Bereich 2020 Veränderung zu 2019
Zentralbibliothek 1 +/- 0 %
Stadtteilbibliotheken 19 +/- 0 %
Fahrbibliotheken 1 +/- 0 %
   Anzahl der Haltestellen 14 +/- 0 %
Ausleihstellen in Vororten, Förderschulen, Heimen, Begegnungstätten 11 +/- 0 %

Angebotskennzahlen

Kennzahl 2020 Veränderung zu 2019
Medienbestand 761.408 + 0,1 %
   Medienbestand physisch 728.581 - 0,3 %
   Medienbestand virtuell (Onleihe) 32.827 + 13,7 %
Zeitschriften-Abonnements 1.478 + 2,5 %
Aktualisierungsrate 8,7 - 9,5 %
Gesamtfläche in qm 13.503 +/- 0 %
Besetzte Personalstellen 164,2 + 1,6 %

Leistungskennzahlen

Kennzahl 2020 Veränderung zu 2019
Entleihungen 4.518.273 - 16,6 %
   Entleihungen physisch 4.117.098 - 19,4 %
   Entleihungen virtuell (Onleihe) 401.175 + 30,7 %
Entleihungen pro Medium 5,61 - 16,5 %
Nutzungen digitaler Dienstleistungen 242.533 + 175,5 %
Besuche 1.154.584 - 32,2 %
Visits Websites 1.953.572 - 13,8 %
Aktive Nutzer 69.638 - 13,5 %
Neuanmeldungen 9.471 - 39,5 %
Nutzer mit Aboverträgen 29.603 - 5,6 %
Nutzer SMS-/E-Mail-Service 43.204 - 4,0 %
Nutzungen Internetplätze 32.928 - 56,7 %
Veranstaltungen/Führungen 2.752 - 58,7 %
Teilnehmer Veranstaltungen/Führungen 46.646 - 65,0 %
Erfassungsgrad Schulklassen in % 33,0 - 24,4 %

Finanzkennzahlen

Kennzahl 2020 Veränderung zu 2019
Kosten gesamt 15.007.922 Euro - 0,1 %
   davon Personalaufwendungen 9.362.942 Euro + 1,1 %
   davon Sach- und Dienstleistungsaufwendungen 3.868.205 Euro + 3,8 %
Erlöse 1.074.862 Euro - 13,1 %
Kostendeckungsgrad 7,2 - 13,0 %

Jahresanalyse 2020

Die Leistungsentwicklung 2020 war geprägt von den Folgen der weltweiten Corona-Pandemie. Unvermeidliche staatliche Vorsorgemaßnahmen führten auch in den Städtischen Bibliotheken Dresden zu Einschränkungen, die sich auf Angebot und Nachfrage gravierend ausgewirkt haben.

Ab dem ersten Lockdown wurden die Medienbestände der eBibo aufgrund einer zu erwartenden wachsenden Nachfrage über Plan aufgestockt (+ 24,3 %). Die Nutzer*innen honorierten das Angebot mit enorm steigenden Entleihungs- und Streamingzahlen. Selbst im Monat Juni, als die Ausleihe in stationären Bibliotheken bereits wieder weitgehend einschränkungsfrei lief, lag die Entleihungszahl der eBibo immer noch 47 % höher als im Vergleichsmonat des Vorjahres.
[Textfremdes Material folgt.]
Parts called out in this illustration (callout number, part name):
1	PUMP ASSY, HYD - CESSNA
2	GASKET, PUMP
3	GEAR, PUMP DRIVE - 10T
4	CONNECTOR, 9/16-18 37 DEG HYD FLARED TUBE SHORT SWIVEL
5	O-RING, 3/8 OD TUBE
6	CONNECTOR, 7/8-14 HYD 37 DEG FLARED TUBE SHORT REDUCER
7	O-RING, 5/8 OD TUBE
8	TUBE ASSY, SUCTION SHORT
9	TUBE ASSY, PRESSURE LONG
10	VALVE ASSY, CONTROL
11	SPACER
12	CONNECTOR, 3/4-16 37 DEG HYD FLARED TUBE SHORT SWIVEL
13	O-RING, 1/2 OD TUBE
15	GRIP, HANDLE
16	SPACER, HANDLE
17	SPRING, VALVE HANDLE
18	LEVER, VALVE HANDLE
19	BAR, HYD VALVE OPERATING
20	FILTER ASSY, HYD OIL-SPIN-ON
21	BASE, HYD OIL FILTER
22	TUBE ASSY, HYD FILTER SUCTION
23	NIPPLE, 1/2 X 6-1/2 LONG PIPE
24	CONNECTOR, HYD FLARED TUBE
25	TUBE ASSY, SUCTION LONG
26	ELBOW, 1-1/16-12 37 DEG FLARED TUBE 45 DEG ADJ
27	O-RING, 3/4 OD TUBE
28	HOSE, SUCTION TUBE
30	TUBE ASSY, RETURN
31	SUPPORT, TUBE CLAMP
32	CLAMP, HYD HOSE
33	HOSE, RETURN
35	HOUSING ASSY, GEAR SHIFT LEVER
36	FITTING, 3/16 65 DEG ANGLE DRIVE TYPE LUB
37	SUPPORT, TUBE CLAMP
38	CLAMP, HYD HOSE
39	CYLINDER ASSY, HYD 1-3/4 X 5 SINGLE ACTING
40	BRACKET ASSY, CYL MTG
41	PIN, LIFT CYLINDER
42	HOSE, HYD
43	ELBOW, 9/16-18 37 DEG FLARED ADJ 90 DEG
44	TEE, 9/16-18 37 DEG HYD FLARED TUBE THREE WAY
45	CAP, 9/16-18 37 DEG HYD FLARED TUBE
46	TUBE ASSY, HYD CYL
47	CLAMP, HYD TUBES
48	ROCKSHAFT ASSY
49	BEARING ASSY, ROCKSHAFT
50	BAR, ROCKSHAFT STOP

Insgesamt zehn Wochen Bibliotheksschließung und diverse Begrenzungen der Zugänglichkeit hatten Rückgänge bei den Entleihungen zur Folge. Dass sich die Verluste in Grenzen hielten, lag sowohl an einer guten Ausgangssituation (Ende Februar standen die Entleihungen in den stationären Bibliotheken gegenüber dem Vorjahr mit 1,6 % im Plus) als auch an dem schnell organisierten Lieferdienst "BiboModern" während des Lockdowns. Erfreulicherweise nahm die Inanspruchnahme von Bibliotheksdienstleistungen außerdem mit jedem Schritt zu mehr Öffnung im Sommer schnell wieder zu.
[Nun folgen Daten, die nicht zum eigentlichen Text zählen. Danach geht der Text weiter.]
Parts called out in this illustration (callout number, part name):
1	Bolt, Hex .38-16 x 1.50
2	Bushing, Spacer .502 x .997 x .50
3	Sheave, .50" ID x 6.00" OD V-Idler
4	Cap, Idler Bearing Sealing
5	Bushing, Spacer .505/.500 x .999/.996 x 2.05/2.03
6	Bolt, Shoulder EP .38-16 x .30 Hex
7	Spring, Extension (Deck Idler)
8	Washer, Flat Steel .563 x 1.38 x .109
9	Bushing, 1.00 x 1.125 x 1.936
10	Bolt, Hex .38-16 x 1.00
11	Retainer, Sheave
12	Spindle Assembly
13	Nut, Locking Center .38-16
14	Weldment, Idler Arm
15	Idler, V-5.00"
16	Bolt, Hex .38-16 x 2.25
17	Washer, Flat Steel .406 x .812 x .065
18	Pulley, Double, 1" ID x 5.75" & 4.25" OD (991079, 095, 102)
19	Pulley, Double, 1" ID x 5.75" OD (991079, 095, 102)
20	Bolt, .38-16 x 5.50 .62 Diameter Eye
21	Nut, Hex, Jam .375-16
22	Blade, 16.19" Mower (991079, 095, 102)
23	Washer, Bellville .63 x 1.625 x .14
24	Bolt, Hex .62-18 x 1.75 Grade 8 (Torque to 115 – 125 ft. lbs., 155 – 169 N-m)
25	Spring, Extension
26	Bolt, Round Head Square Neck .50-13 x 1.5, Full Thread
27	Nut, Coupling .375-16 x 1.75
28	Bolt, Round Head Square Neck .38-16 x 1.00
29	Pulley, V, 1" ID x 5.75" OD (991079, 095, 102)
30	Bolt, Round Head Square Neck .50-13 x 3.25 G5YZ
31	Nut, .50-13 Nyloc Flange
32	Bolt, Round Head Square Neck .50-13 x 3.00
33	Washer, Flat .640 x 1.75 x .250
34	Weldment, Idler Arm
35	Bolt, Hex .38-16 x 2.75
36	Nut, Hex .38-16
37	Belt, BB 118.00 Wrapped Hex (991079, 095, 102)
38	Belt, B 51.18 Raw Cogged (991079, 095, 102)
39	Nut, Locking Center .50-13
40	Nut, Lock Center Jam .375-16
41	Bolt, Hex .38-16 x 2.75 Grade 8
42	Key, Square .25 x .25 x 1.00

Auf die Besucherstatistik wirkten sich die Begrenzung der Personenzahl in den Bibliotheken und die Vorsicht der Benutzer*innen naturgemäß deutlicher aus als auf die Entleihungen.

Eine Ausnahme bei allen Entwicklungen stellt die Bibliothek Südvorstadt dar. Dank der Unterstützung durch den Stadtbezirksbeirat Plauen konnten hier trotz Haushaltsperre die zusätzlichen fachpersonalfreien Öffnungszeiten nach kurzer Unterbrechung bis zum Jahresende fortgesetzt werden. Das Bibo-7/10- Konzept und die Attraktivität des 2019 bezogenen neuen Standortes führten zu wachsenden Besucher- und Entleihungszahlen (+ 8,8 % bzw. + 4,8 %).

Die stärkste Auswirkung hatten die coronabedingten Einschränkungen auf das Veranstaltungsangebot. Seit der Bibliotheksschließung am 14. März gab es, bis auf Veranstaltungen mit Kita-Gruppen und Schulklassen in eingeschränkter Zahl, über insgesamt acht Monate keine Angebote in stationären Bibliotheken. Bei den wenigen öffentlich zugänglichen Veranstaltungen musste die Zahl der Plätze stark begrenzt werden. Dafür erreichten die 30 als Stream bereitgestellten Veranstaltungen ca. 8.000 Aufrufe.

Der Zugang physischer Medien lag im Berichtszeitraum um 9,5 % niedriger als 2019.